L. G. Karachkina discovered asteroid #3063 Makhaon.

1984 13:32:54 GMT
The first flight of the Ariane 3, launched from Kourou, carried Eutelsat 2 and France's Telecom 1A communications satellites into space, which were initially positioned in geosynchronous orbit at 10 deg E and 8 deg W, respectively.

1993 00:52:00 GMT
Russia launched Molniya 3-45 from Plesetsk for operation of the long range telephone and telegraph communications system, which replaced Molniya 3-37.

Died, Jeanne Calment, who lived for 122 years 164 days, the longest confirmed lifespan for any human being in history.

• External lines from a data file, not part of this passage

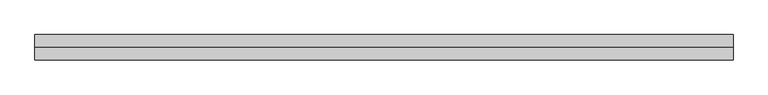
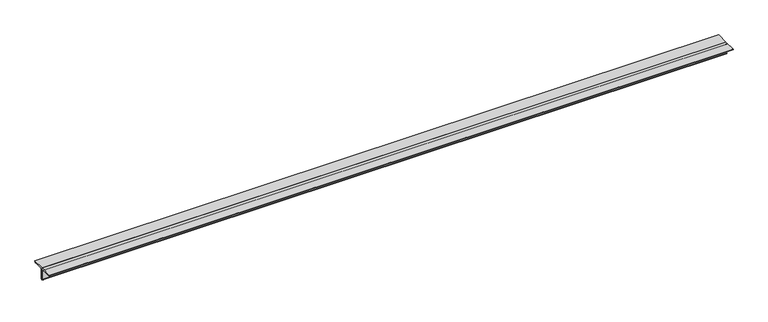
"""IFC4 building model written with IfcOpenShell, lengths in millimetres: member geometry, Steel Framing_2Ls_KS : H_SB_AR_S02_2Ls-100x100x10_VBR1."""

from ifc_helpers import new_model, si_unit, point, frame, frame_2d, origin, place, context, project, spatial, polyline, circle_curve, trimmed, segment, composite_curve, outline, extrude, source, transform, mapped, element, save


def member_0561801a(model_context):
    return source(origin(), model_context, "Body", "SweptSolid", [
        extrude(outline(composite_curve([segment(polyline([(0.0, 28.2), (0.0, -71.8)]), True, "CONTINUOUS"), segment(trimmed(circle_curve(frame_2d((0.0, -61.8)), 10.0), [point((0.0, -71.8))], [point((-10.0, -61.8))], False, "CARTESIAN"), True, "CONTINUOUS"), segment(polyline([(-10.0, -61.8), (-10.0, 8.2)]), True, "CONTINUOUS"), segment(trimmed(circle_curve(frame_2d((-20.0, 8.2)), 10.0), [point((-10.0, 8.2))], [point((-20.0, 18.2))], True, "CARTESIAN"), True, "CONTINUOUS"), segment(polyline([(-20.0, 18.2), (-90.0, 18.2)]), True, "CONTINUOUS"), segment(trimmed(circle_curve(frame_2d((-90.0, 28.2)), 10.0), [point((-90.0, 18.2))], [point((-100.0, 28.2))], False, "CARTESIAN"), True, "CONTINUOUS"), segment(polyline([(-100.0, 28.2), (0.0, 28.2)]), True, "CONTINUOUS")], self_intersect=False)), frame((-2590.3354834, 0.0, 0.0), z_axis=(1.0, 0.0, 0.0), x_axis=(0.0, 1.0, 0.0)), (0.0, 0.0, 1.0), 5505.8114308),
        extrude(outline(composite_curve([segment(polyline([(0.0, 28.2), (100.0, 28.2)]), True, "CONTINUOUS"), segment(trimmed(circle_curve(frame_2d((90.0, 28.2)), 10.0), [point((100.0, 28.2))], [point((90.0, 18.2))], False, "CARTESIAN"), True, "CONTINUOUS"), segment(polyline([(90.0, 18.2), (20.0, 18.2)]), True, "CONTINUOUS"), segment(trimmed(circle_curve(frame_2d((20.0, 8.2)), 10.0), [point((20.0, 18.2))], [point((10.0, 8.2))], True, "CARTESIAN"), True, "CONTINUOUS"), segment(polyline([(10.0, 8.2), (10.0, -61.8)]), True, "CONTINUOUS"), segment(trimmed(circle_curve(frame_2d((0.0, -61.8)), 10.0), [point((10.0, -61.8))], [point((0.0, -71.8))], False, "CARTESIAN"), True, "CONTINUOUS"), segment(polyline([(0.0, -71.8), (0.0, 28.2)]), True, "CONTINUOUS")], self_intersect=False)), frame((-2590.3354834, 0.0, 0.0), z_axis=(1.0, 0.0, 0.0), x_axis=(0.0, 1.0, 0.0)), (0.0, 0.0, 1.0), 5505.8114308),
    ])


if __name__ == "__main__":
    model = new_model("IFC4")
    model_context = context("Model", 3, world=origin())
    ifc_project = project(units=[si_unit("LENGTHUNIT", "METRE", prefix="MILLI")], contexts=[model_context])
    site = spatial("IfcSite", under=ifc_project)
    building = spatial("IfcBuilding", under=site)
    placement = place(None, origin())
    member_shape = member_0561801a(model_context)
    element("IfcMember", 1, ObjectType="Steel Framing_2Ls_KS : H_SB_AR_S02_2Ls-100x100x10_VBR1", at=placement, inside=building, context=model_context, shape_type="MappedRepresentation", body=[
        mapped(member_shape, transform((0.0, 0.0, 0.0), x_axis=(1.0, 0.0, 0.0), y_axis=(0.0, 1.0, 0.0), z_axis=(0.0, 0.0, 1.0))),
    ])
    save(model, "model.ifc")

# Revit data of these elements
# Type "Steel Framing_2Ls_KS : H_SB_AR_S02_2Ls-100x100x10_VBR1"
#   Type Comments = "MAIN"
#   Type Mark = "VBR1"
#   H_SectionID = "2Ls-100x100x10"
#   Assembly Code = "B10"
#   Legs = "LLBB"
#   H_Ratio for Additional Steel Plate = 0.2
#   W = 0
#   Perimeter = 0.80 m²/m
#   Nominal Weight = 29.80 kgf/m
#   Length [instance default] = 1524 mm
#   Space = 0 mm
#   b = 100 mm
#   d = 100 mm
#   t = 10 mm
#   y = 28.2 mm
#   A = 0.0038 m²
#   Structural Material [instance default] = Steel, 45-345
# Element 1 (IfcMember, "Steel Framing_2Ls_KS : H_SB_AR_S02_2Ls-100x100x10_VBR1")
#   Materials on its faces: "Steel, 45-345"
# Materials
#   "Steel, 45-345": class "Metal", colour RGB 189 187 185, transparency 0, Description = "Steel 345 MPa", Cost = 0

Died (cancer), Yuri Petrovich Artyukhin, Colonel Soviet AF Reserve, Soviet cosmonaut (Soyuz 14; 15d 17.5h in spaceflight), member of the first USSR military space station mission

2004 22:32:00 GMT
Spain's Amazonas satellite was launched from Baikonur on a Proton booster and positioned in geosynchronous orbit at 61 deg W with 36 Ku-band, and 27 C-band transponders to provide broadband video and Internet to North and South America and western Europe.

2007 05:26:34 EDT (GMT -4:00:00)
NASA launched the Phoenix lander toward a successful Mars polar region landing on 25 May 2008.

NASA's Phoenix lander, launched 4 August 2007, was a robotic spacecraft on a space exploration mission to Mars under the Mars Scout Program. The Phoenix lander descended to the surface of Mars on 25 May 2008. Mission scientists used instruments aboard the lander to search for environments suitable for microbial life on Mars, and to research the history of water there.

Mars Reconnaissance Orbiter's High Resolution Imaging Science Experiment (HiRISE) camera photographed Phoenix suspended from its parachute during its descent through the Martian atmosphere on 25 May 2008, the first time one spacecraft photographed another in the act of landing on a planet. Phoenix landed on Mars at 4:38 PM (PDT) at 68.218830 deg N 234.250778 deg E, NASA's sixth successful landing on Mars out of seven attempts, and was the first successful landing in a Martian polar region.

The lander completed its mission in August 2008, and made a last brief communication with Earth on 2 November 2008 as available solar power dropped with the Martian winter. The mission was declared concluded on 10 November 2008 after engineers were unable to re-contact the craft. Following unsuccessful attempts to contact the lander using the Mars Odyssey orbiter up to and past the Martian summer solstice on 12 May 2010, JPL declared the lander to be dead.

The program was considered a success because it completed all planned science experiments and observations.